Yuri is at the core of a complex logistics operation at the opposition headquarters, aimed at channelling money and resources donated by individuals. He admits that he and some of his friends have suffered losses as a result of their actions.

"But you cannot measure everything in monetary terms," he insists.

He says many of the businessmen helping the protesters prefer to keep their identities secret. They fear retaliation if the opposition loses.

Red tape and cronyism

"It is a Ukrainian bourgeois revolution," says Olexandr Irvanets, a Ukrainian intellectual and writer.

It is a follow-up to the "national" revolution at the end of the 1980s, when Soviet Union collapsed, he says. Mass demonstrations back then were propelled by the enthusiasm of poets and writers and lacked the organisation and financing of today.

Some major Ukrainian businessmen have thrown their economic might behind the opposition too. The best known of them, Petro Poroshenko, is a key player in the team of opposition leader Victor Yushchenko, who, protestors claim, has won the disputed elections.

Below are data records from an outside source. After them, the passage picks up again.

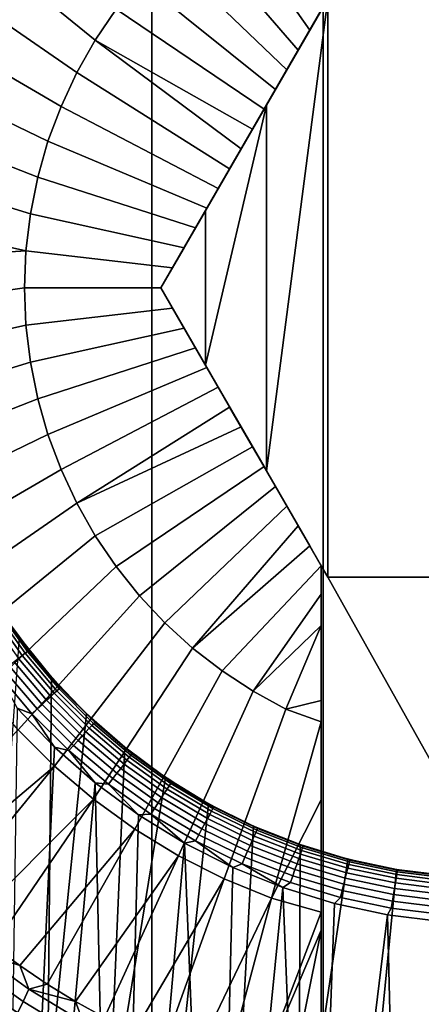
# Model space of a CAD drawing. Header units: metres. Extents: x -109 to 109, y -100 to 58.
# Tile 608 of 642: x 74.45 to 76.18, y 39.9 to 44.16. Entities that reach past the tile are written whole.
import ezdxf

# ---------------------------------------------------------------- set-up
doc = ezdxf.new("R2010")
doc.units = ezdxf.units.M
doc.layers.add('solid_21_062_100_XXX', color=7, linetype='CONTINUOUS')

msp = doc.modelspace()

# ---------------------------------------------------------------- linework, layer by layer
at = {"layer": 'solid_21_062_100_XXX'}
for points in [[(75.018127, 47.799999, 12.915263), (74.283211, 47.799999, 12.809598), (74.283211, 28.5, 12.8096), (75.018112, 28.5, 12.915262)], [(75.757866, 47.799999, 12.978799), (75.018127, 47.799999, 12.915263), (75.018112, 28.5, 12.915262), (75.757843, 28.5, 12.978798)], [(76.5, 47.799999, 13), (75.757866, 47.799999, 12.978799), (75.757843, 28.5, 12.978798), (76.5, 28.5, 13)], [(74.773056, 44.071533, -12.851696), (74.165985, 44.564617, -12.715114), (74.296288, 44.743359, -12.715114), (74.863411, 44.205029, -12.851696)], [(75.193642, 44.556908, -12.851696), (75.321136, 44.65554, -12.851696), (75.700043, 44.114437, -12.932627), (75.650536, 44.028683, -12.936292)], [(75.321136, 44.65554, -12.851696), (75.75, 44.200962, -12.928216), (75.700043, 44.114437, -12.932627)], [(74.693565, 43.931301, -12.851696), (74.05014, 44.376175, -12.715114), (74.165985, 44.564617, -12.715114), (74.773056, 44.071533, -12.851696)], [(75.074364, 44.448479, -12.851696), (75.193642, 44.556908, -12.851696), (75.650536, 44.028683, -12.936292), (75.601273, 43.943356, -12.939239)], [(74.964058, 44.33094, -12.851696), (75.074364, 44.448479, -12.851696), (75.601273, 43.943356, -12.939239), (75.552071, 43.858143, -12.941486)], [(74.625443, 43.78521, -12.851696), (73.949486, 44.179207, -12.715114), (74.05014, 44.376175, -12.715114), (74.693565, 43.931301, -12.851696)], [(74.863411, 44.205029, -12.851696), (74.964058, 44.33094, -12.851696), (75.552071, 43.858143, -12.941486), (75.502747, 43.772709, -12.943042)], [(75.512993, 43.790459, -9.531031), (75.056625, 43, -12.925397), (75.75, 44.200962, -11.5), (75.778313, 44.25, -9.554784)], [(75.512993, 42.209541, -9.531031), (75.512993, 43.790459, -9.531031), (75.778313, 44.25, -9.554784)], [(75.512993, 42.209541, -9.531031), (75.778313, 44.25, -9.554784), (75.778313, 41.75, -9.554784)], [(76.259193, 41.75, -9.578973), (75.778313, 41.75, -9.554784), (75.778313, 44.25, -9.554784), (76.259193, 44.25, -9.578973)], [(74.773056, 44.071533, -12.851696), (74.863411, 44.205029, -12.851696), (75.502747, 43.772709, -12.943042), (75.453247, 43.68697, -12.943901)], [(75.75, 44.200962, -11.5), (75.056625, 43, -12.925397), (75.107124, 43.087471, -12.930264), (75.75, 44.200962, -12.928216)], [(75.75, 44.200962, -12.928216), (75.107124, 43.087471, -12.930264), (75.700043, 44.114437, -12.932627)], [(74.569107, 43.634178, -12.851696), (73.864632, 43.974934, -12.715114), (73.949486, 44.179207, -12.715114), (74.625443, 43.78521, -12.851696)], [(75.700043, 44.114437, -12.932627), (75.107124, 43.087471, -12.930264), (75.156921, 43.173717, -12.934344)], [(75.700043, 44.114437, -12.932627), (75.156921, 43.173717, -12.934344), (75.650536, 44.028683, -12.936292)], [(74.773056, 44.071533, -12.851696), (75.403664, 43.601082, -12.944057), (75.354111, 43.515255, -12.943509), (74.693565, 43.931301, -12.851696)], [(74.773056, 44.071533, -12.851696), (75.453247, 43.68697, -12.943901), (75.403664, 43.601082, -12.944057)], [(75.650536, 44.028683, -12.936292), (75.156921, 43.173717, -12.934344), (75.206276, 43.259209, -12.937686)], [(75.650536, 44.028683, -12.936292), (75.206276, 43.259209, -12.937686), (75.601273, 43.943356, -12.939239)], [(74.524925, 43.47916, -12.851696), (73.796112, 43.764618, -12.715114), (73.864632, 43.974934, -12.715114), (74.569107, 43.634178, -12.851696)], [(75.601273, 43.943356, -12.939239), (75.206276, 43.259209, -12.937686), (75.255447, 43.344368, -12.940319)], [(75.601273, 43.943356, -12.939239), (75.255447, 43.344368, -12.940319), (75.552071, 43.858143, -12.941486)], [(74.693565, 43.931301, -12.851696), (75.354111, 43.515255, -12.943509), (75.304688, 43.429657, -12.942261), (74.625443, 43.78521, -12.851696)], [(75.552071, 43.858143, -12.941486), (75.255447, 43.344368, -12.940319), (75.304688, 43.429657, -12.942261)], [(75.552071, 43.858143, -12.941486), (75.304688, 43.429657, -12.942261), (75.502747, 43.772709, -12.943042)], [(74.625443, 43.78521, -12.851696), (75.304688, 43.429657, -12.942261), (75.255447, 43.344368, -12.940319), (74.569107, 43.634178, -12.851696)], [(75.512993, 43.790459, -9.531031), (75.249107, 43.333397, -9.5), (75.056625, 43, -12.925397)], [(75.512993, 43.790459, -9.531031), (75.249107, 42.666603, -9.5), (75.249107, 43.333397, -9.5)], [(75.512993, 42.209541, -9.531031), (75.249107, 42.666603, -9.5), (75.512993, 43.790459, -9.531031)], [(75.502747, 43.772709, -12.943042), (75.304688, 43.429657, -12.942261), (75.354111, 43.515255, -12.943509)], [(75.502747, 43.772709, -12.943042), (75.354111, 43.515255, -12.943509), (75.453247, 43.68697, -12.943901)], [(74.493164, 43.321125, -12.851696), (73.744347, 43.549561, -12.715114), (73.796112, 43.764618, -12.715114), (74.524925, 43.47916, -12.851696)], [(75.453247, 43.68697, -12.943901), (75.354111, 43.515255, -12.943509), (75.403664, 43.601082, -12.944057)], [(74.569107, 43.634178, -12.851696), (75.255447, 43.344368, -12.940319), (75.206276, 43.259209, -12.937686), (74.524925, 43.47916, -12.851696)], [(74.474022, 43.161072, -12.851696), (73.709656, 43.3311, -12.715114), (73.744347, 43.549561, -12.715114), (74.493164, 43.321125, -12.851696)], [(74.524925, 43.47916, -12.851696), (75.206276, 43.259209, -12.937686), (75.156921, 43.173717, -12.934344), (74.493164, 43.321125, -12.851696)], [(74.474022, 43.161072, -12.851696), (73.692253, 43.110588, -12.715114), (73.709656, 43.3311, -12.715114)], [(74.493164, 43.321125, -12.851696), (75.156921, 43.173717, -12.934344), (75.107124, 43.087471, -12.930264), (74.474022, 43.161072, -12.851696)], [(75.056625, 43, -9.5), (75.056625, 43, -12.925397), (75.249107, 43.333397, -9.5)], [(75.056625, 43, -9.5), (75.249107, 43.333397, -9.5), (75.249107, 42.666603, -9.5)], [(74.474022, 43.161072, -12.851696), (74.467628, 43.000004, -12.851696), (73.692253, 42.889393, -12.715114), (73.692253, 43.110588, -12.715114)], [(74.467628, 43.000004, -12.851696), (74.474022, 43.161072, -12.851696), (75.107124, 43.087471, -12.930264), (75.056625, 43, -12.925397)], [(74.467628, 43.000004, -12.851696), (74.474022, 42.838936, -12.851696), (73.709656, 42.66888, -12.715114), (73.692253, 42.889393, -12.715114)], [(74.474022, 42.838936, -12.851696), (74.467628, 43.000004, -12.851696), (75.056625, 43, -12.925397), (75.107124, 42.912529, -12.930264)], [(75.75, 41.799038, -11.5), (75.75, 41.799038, -12.928216), (75.107124, 42.912529, -12.930264), (75.056625, 43, -12.925397)], [(75.75, 41.799038, -11.5), (75.056625, 43, -12.925397), (75.056625, 43, -9.5)], [(75.512993, 42.209541, -9.531031), (75.056625, 43, -9.5), (75.249107, 42.666603, -9.5)], [(75.75, 41.799038, -11.5), (75.056625, 43, -9.5), (75.778313, 41.75, -9.554784), (75.778313, 41.75, -11.5)], [(75.512993, 42.209541, -9.531031), (75.778313, 41.75, -9.554784), (75.056625, 43, -9.5)], [(74.493156, 42.678879, -12.851696), (74.474022, 42.838936, -12.851696), (75.107124, 42.912529, -12.930264), (75.156921, 42.826283, -12.934344)], [(75.107124, 42.912529, -12.930264), (75.75, 41.799038, -12.928216), (75.700043, 41.885563, -12.932627)], [(75.107124, 42.912529, -12.930264), (75.700043, 41.885563, -12.932627), (75.156921, 42.826283, -12.934344)], [(74.474022, 42.838936, -12.851696), (74.493156, 42.678879, -12.851696), (73.744347, 42.45042, -12.715114), (73.709656, 42.66888, -12.715114)], [(74.524918, 42.520847, -12.851696), (74.493156, 42.678879, -12.851696), (75.156921, 42.826283, -12.934344), (75.206276, 42.740791, -12.937686)], [(75.156921, 42.826283, -12.934344), (75.700043, 41.885563, -12.932627), (75.650536, 41.971317, -12.936292)], [(75.156921, 42.826283, -12.934344), (75.650536, 41.971317, -12.936292), (75.206276, 42.740791, -12.937686)], [(74.569107, 42.365826, -12.851696), (74.524918, 42.520847, -12.851696), (75.206276, 42.740791, -12.937686), (75.255447, 42.655632, -12.940319)], [(75.206276, 42.740791, -12.937686), (75.650536, 41.971317, -12.936292), (75.601273, 42.056644, -12.939239)], [(75.206276, 42.740791, -12.937686), (75.601273, 42.056644, -12.939239), (75.255447, 42.655632, -12.940319)], [(74.493156, 42.678879, -12.851696), (74.524918, 42.520847, -12.851696), (73.796112, 42.235363, -12.715114), (73.744347, 42.45042, -12.715114)], [(74.625443, 42.214794, -12.851696), (74.569107, 42.365826, -12.851696), (75.255447, 42.655632, -12.940319), (75.304688, 42.570343, -12.942261)], [(75.255447, 42.655632, -12.940319), (75.601273, 42.056644, -12.939239), (75.552071, 42.141857, -12.941486)], [(75.255447, 42.655632, -12.940319), (75.552071, 42.141857, -12.941486), (75.304688, 42.570343, -12.942261)], [(74.693565, 42.068703, -12.851696), (74.625443, 42.214794, -12.851696), (75.304688, 42.570343, -12.942261), (75.354111, 42.484745, -12.943509)], [(75.304688, 42.570343, -12.942261), (75.552071, 42.141857, -12.941486), (75.502747, 42.227291, -12.943042)], [(75.304688, 42.570343, -12.942261), (75.502747, 42.227291, -12.943042), (75.354111, 42.484745, -12.943509)], [(74.524918, 42.520847, -12.851696), (74.569107, 42.365826, -12.851696), (73.864639, 42.025047, -12.715114), (73.796112, 42.235363, -12.715114)], [(74.693565, 42.068703, -12.851696), (75.354111, 42.484745, -12.943509), (75.403664, 42.398918, -12.944057)], [(75.354111, 42.484745, -12.943509), (75.502747, 42.227291, -12.943042), (75.453247, 42.31303, -12.943901)], [(75.354111, 42.484745, -12.943509), (75.453247, 42.31303, -12.943901), (75.403664, 42.398918, -12.944057)], [(74.569107, 42.365826, -12.851696), (74.625443, 42.214794, -12.851696), (73.949493, 41.820774, -12.715114), (73.864639, 42.025047, -12.715114)], [(74.693565, 42.068703, -12.851696), (75.403664, 42.398918, -12.944057), (75.453247, 42.31303, -12.943901), (74.773056, 41.928471, -12.851696)], [(74.773056, 41.928471, -12.851696), (75.453247, 42.31303, -12.943901), (75.502747, 42.227291, -12.943042), (74.863403, 41.794979, -12.851696)], [(74.625443, 42.214794, -12.851696), (74.693565, 42.068703, -12.851696), (74.050156, 41.623806, -12.715114), (73.949493, 41.820774, -12.715114)], [(74.863403, 41.794979, -12.851696), (75.502747, 42.227291, -12.943042), (75.552071, 42.141857, -12.941486), (74.96405, 41.669064, -12.851696)], [(74.96405, 41.669064, -12.851696), (75.552071, 42.141857, -12.941486), (75.601273, 42.056644, -12.939239), (75.074364, 41.551525, -12.851696)], [(74.693565, 42.068703, -12.851696), (74.773056, 41.928471, -12.851696), (74.165993, 41.435368, -12.715114), (74.050156, 41.623806, -12.715114)], [(75.074364, 41.551525, -12.851696), (75.601273, 42.056644, -12.939239), (75.650536, 41.971317, -12.936292), (75.193642, 41.443096, -12.851696)], [(75.193642, 41.443096, -12.851696), (75.650536, 41.971317, -12.936292), (75.700043, 41.885563, -12.932627)], [(74.773056, 41.928471, -12.851696), (74.863403, 41.794979, -12.851696), (74.296295, 41.256626, -12.715114), (74.165993, 41.435368, -12.715114)], [(75.193642, 41.443096, -12.851696), (75.700043, 41.885563, -12.932627), (75.75, 41.799038, -12.928216), (75.321136, 41.344463, -12.851696)], [(74.863403, 41.794979, -12.851696), (74.96405, 41.669064, -12.851696), (74.440262, 41.088684, -12.715114), (74.296295, 41.256626, -12.715114)], [(75.75, 41.675968, -12.917053), (75.456047, 41.256245, -12.851696), (75.321136, 41.344463, -12.851696), (75.75, 41.799038, -12.928216)], [(75.75, 41.799038, -11.5), (75.75, 39.121857, -11.5), (75.75, 41.675968, -12.917053), (75.75, 41.799038, -12.928216)], [(75.778313, 41.75, -11.5), (77.25, 39.121857, -11.5), (75.75, 39.121857, -11.5), (75.75, 41.799038, -11.5)], [(75.778313, 41.75, -11.5), (77.221687, 41.75, -11.5), (77.25, 39.121857, -11.5)], [(75.778313, 41.75, -11.5), (75.778313, 41.75, -9.554784), (76.259193, 41.75, -9.578973), (77.221687, 41.75, -11.5)], [(74.96405, 41.669064, -12.851696), (75.074364, 41.551525, -12.851696), (74.596985, 40.93259, -12.715114), (74.440262, 41.088684, -12.715114)], [(75.75, 41.675968, -12.917053), (75.75, 41.540916, -12.903542), (75.456047, 41.256245, -12.851696)], [(75.75, 39.121857, -11.5), (75.75, 41.540916, -12.903542), (75.75, 41.675968, -12.917053)], [(74.347046, 41.593407, -10.590631), (74.470558, 41.420422, -10.590631), (74.480019, 41.427788, -10.561594), (74.357086, 41.599964, -10.561594)], [(74.357086, 41.599964, -10.561594), (74.480019, 41.427788, -10.561594), (74.485779, 41.43227, -10.531038), (74.363197, 41.603958, -10.531038)], [(74.363197, 41.603958, -10.531038), (74.485779, 41.43227, -10.531038), (74.411163, 41.537384, -10.5)], [(74.316261, 41.573292, -10.641333), (74.441536, 41.397831, -10.641333), (74.457619, 41.410355, -10.61743), (74.333328, 41.584442, -10.61743)], [(74.333328, 41.584442, -10.61743), (74.457619, 41.410355, -10.61743), (74.470558, 41.420422, -10.590631), (74.347046, 41.593407, -10.590631)], [(74.411163, 41.537384, -10.5), (74.476944, 41.447662, -10.5), (74.446404, 41.488304, -9.359351)], [(74.485779, 41.43227, -10.531038), (74.476944, 41.447662, -10.5), (74.411163, 41.537384, -10.5)], [(75.074364, 41.551525, -12.851696), (75.193642, 41.443096, -12.851696), (74.765503, 40.789307, -12.715114), (74.596985, 40.93259, -12.715114)], [(75.75, 41.540916, -12.903542), (75.597527, 41.178993, -12.851696), (75.456047, 41.256245, -12.851696)], [(75.75, 41.540916, -12.903542), (75.75, 41.216019, -12.865601), (75.597527, 41.178993, -12.851696)], [(75.75, 39.121857, -11.5), (75.75, 41.216019, -12.865601), (75.75, 41.540916, -12.903542)], [(74.583992, 41.317326, -9.388484), (74.566444, 39.498379, -9.384884), (74.311363, 39.651886, -9.328707), (74.446404, 41.488304, -9.359351)], [(74.476944, 41.447662, -10.5), (74.546585, 41.360893, -10.5), (74.583992, 41.317326, -9.388484), (74.446404, 41.488304, -9.359351)], [(74.470558, 41.420422, -10.590631), (74.607925, 41.258224, -10.590631), (74.616753, 41.26635, -10.561594), (74.480019, 41.427788, -10.561594)], [(74.485779, 41.43227, -10.531038), (74.546585, 41.360893, -10.5), (74.476944, 41.447662, -10.5)], [(74.480019, 41.427788, -10.561594), (74.616753, 41.26635, -10.561594), (74.622124, 41.27129, -10.531038), (74.485779, 41.43227, -10.531038)], [(74.485779, 41.43227, -10.531038), (74.622124, 41.27129, -10.531038), (74.546585, 41.360893, -10.5)], [(75.193642, 41.443096, -12.851696), (75.321136, 41.344463, -12.851696), (74.944763, 40.659721, -12.715114), (74.765503, 40.789307, -12.715114)], [(74.401558, 41.366718, -10.678173), (74.543602, 41.199009, -10.678173), (74.563301, 41.217148, -10.661748), (74.422691, 41.383167, -10.661748)], [(74.422691, 41.383167, -10.661748), (74.563301, 41.217148, -10.661748), (74.580872, 41.233318, -10.641333), (74.441536, 41.397831, -10.641333)], [(74.441536, 41.397831, -10.641333), (74.580872, 41.233318, -10.641333), (74.595871, 41.247124, -10.61743), (74.457619, 41.410355, -10.61743)], [(74.457619, 41.410355, -10.61743), (74.595871, 41.247124, -10.61743), (74.607925, 41.258224, -10.590631), (74.470558, 41.420422, -10.590631)], [(74.354553, 41.330132, -10.697537), (74.499779, 41.158665, -10.697537), (74.522255, 41.179356, -10.690202), (74.378662, 41.348892, -10.690202)], [(74.378662, 41.348892, -10.690202), (74.522255, 41.179356, -10.690202), (74.543602, 41.199009, -10.678173), (74.401558, 41.366718, -10.678173)], [(74.546585, 41.360893, -10.5), (74.619942, 41.277248, -10.5), (74.583992, 41.317326, -9.388484)], [(74.622124, 41.27129, -10.531038), (74.619942, 41.277248, -10.5), (74.546585, 41.360893, -10.5)], [(75.321136, 41.344463, -12.851696), (75.456047, 41.256245, -12.851696), (75.133667, 40.54464, -12.715114), (74.944763, 40.659721, -12.715114)], [(74.354553, 41.330132, -10.697537), (74.43589, 41.182877, -10.7), (74.499779, 41.158665, -10.697537)], [(74.583992, 41.317326, -9.388484), (74.735924, 41.158665, -9.418214), (74.566444, 39.498379, -9.384884)], [(74.619942, 41.277248, -10.5), (74.696877, 41.19688, -10.5), (74.735924, 41.158665, -9.418214), (74.583992, 41.317326, -9.388484)], [(74.595871, 41.247124, -10.61743), (74.747124, 41.095871, -10.61743), (74.758224, 41.107929, -10.590631), (74.607925, 41.258224, -10.590631)], [(74.607925, 41.258224, -10.590631), (74.758224, 41.107929, -10.590631), (74.76635, 41.116753, -10.561594), (74.616753, 41.26635, -10.561594)], [(74.616753, 41.26635, -10.561594), (74.76635, 41.116753, -10.561594), (74.771294, 41.12212, -10.531038), (74.622124, 41.27129, -10.531038)], [(74.622124, 41.27129, -10.531038), (74.696877, 41.19688, -10.5), (74.619942, 41.277248, -10.5)], [(74.622124, 41.27129, -10.531038), (74.771294, 41.12212, -10.531038), (74.696877, 41.19688, -10.5)], [(75.456047, 41.256245, -12.851696), (75.597527, 41.178993, -12.851696), (75.331039, 40.444771, -12.715114), (75.133667, 40.54464, -12.715114)], [(74.543602, 41.199009, -10.678173), (74.699013, 41.043602, -10.678173), (74.717148, 41.063305, -10.661748), (74.563301, 41.217148, -10.661748)], [(74.563301, 41.217148, -10.661748), (74.717148, 41.063305, -10.661748), (74.733315, 41.080872, -10.641333), (74.580872, 41.233318, -10.641333)], [(74.580872, 41.233318, -10.641333), (74.733315, 41.080872, -10.641333), (74.747124, 41.095871, -10.61743), (74.595871, 41.247124, -10.61743)], [(75.75, 41.216019, -12.865601), (75.75, 41.123188, -12.853351), (75.597527, 41.178993, -12.851696)], [(75.75, 39.121857, -11.5), (75.75, 41.123188, -12.853351), (75.75, 41.216019, -12.865601)], [(74.597458, 41.014343, -10.7), (74.43589, 41.182877, -10.7), (74.417397, 39.881466, -10.7), (74.541504, 39.802063, -10.7)], [(74.499779, 41.158665, -10.697537), (74.43589, 41.182877, -10.7), (74.597458, 41.014343, -10.7)], [(74.499779, 41.158665, -10.697537), (74.658669, 40.999779, -10.697537), (74.679352, 41.022251, -10.690202), (74.522255, 41.179356, -10.690202)], [(74.522255, 41.179356, -10.690202), (74.679352, 41.022251, -10.690202), (74.699013, 41.043602, -10.678173), (74.543602, 41.199009, -10.678173)], [(74.696877, 41.19688, -10.5), (74.777245, 41.119946, -10.5), (74.735924, 41.158665, -9.418214)], [(74.771294, 41.12212, -10.531038), (74.777245, 41.119946, -10.5), (74.696877, 41.19688, -10.5)], [(75.597527, 41.178993, -12.851696), (75.75, 41.123188, -12.853351), (75.535652, 40.360741, -12.715114), (75.331039, 40.444771, -12.715114)], [(74.499779, 41.158665, -10.697537), (74.597458, 41.014343, -10.7), (74.658669, 40.999779, -10.697537)], [(74.900887, 41.013718, -9.447622), (74.82991, 39.365334, -9.435326), (74.566444, 39.498379, -9.384884), (74.735924, 41.158665, -9.418214)], [(74.777245, 41.119946, -10.5), (74.860886, 41.046589, -10.5), (74.900887, 41.013718, -9.447622), (74.735924, 41.158665, -9.418214)], [(74.440262, 41.088684, -12.715114), (74.596985, 40.93259, -12.715114), (74.006737, 40.434044, -12.535121), (73.906151, 40.535767, -12.535121)], [(74.733315, 41.080872, -10.641333), (74.897835, 40.941536, -10.641333), (74.910355, 40.957623, -10.61743), (74.747124, 41.095871, -10.61743)], [(74.747124, 41.095871, -10.61743), (74.910355, 40.957623, -10.61743), (74.920418, 40.970558, -10.590631), (74.758224, 41.107929, -10.590631)], [(74.758224, 41.107929, -10.590631), (74.920418, 40.970558, -10.590631), (74.927788, 40.980022, -10.561594), (74.76635, 41.116753, -10.561594)], [(74.76635, 41.116753, -10.561594), (74.927788, 40.980022, -10.561594), (74.932266, 40.985779, -10.531038), (74.771294, 41.12212, -10.531038)], [(74.771294, 41.12212, -10.531038), (74.932266, 40.985779, -10.531038), (74.777245, 41.119946, -10.5)], [(74.932266, 40.985779, -10.531038), (74.860886, 41.046589, -10.5), (74.777245, 41.119946, -10.5)], [(75.75, 40.785931, -12.803475), (75.535652, 40.360741, -12.715114), (75.75, 41.123188, -12.853351)], [(75.75, 39.121857, -11.5), (75.75, 40.785931, -12.803475), (75.75, 41.123188, -12.853351)], [(74.679352, 41.022251, -10.690202), (74.848892, 40.878658, -10.690202), (74.866722, 40.901562, -10.678173), (74.699013, 41.043602, -10.678173)], [(74.699013, 41.043602, -10.678173), (74.866722, 40.901562, -10.678173), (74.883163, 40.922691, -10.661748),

Since Ukraine achieved independence in 1991, thousands of its people have travelled abroad, obtained Western degrees and learned languages. Hundreds of thousands have benefited from the economic growth of recent years.

Local observers say that the Orange Revolution has showed that Ukraine’s new middle class is no longer prepared to put up with red tape and cronyism, flourishing during President Leonid Kuchma’s reign.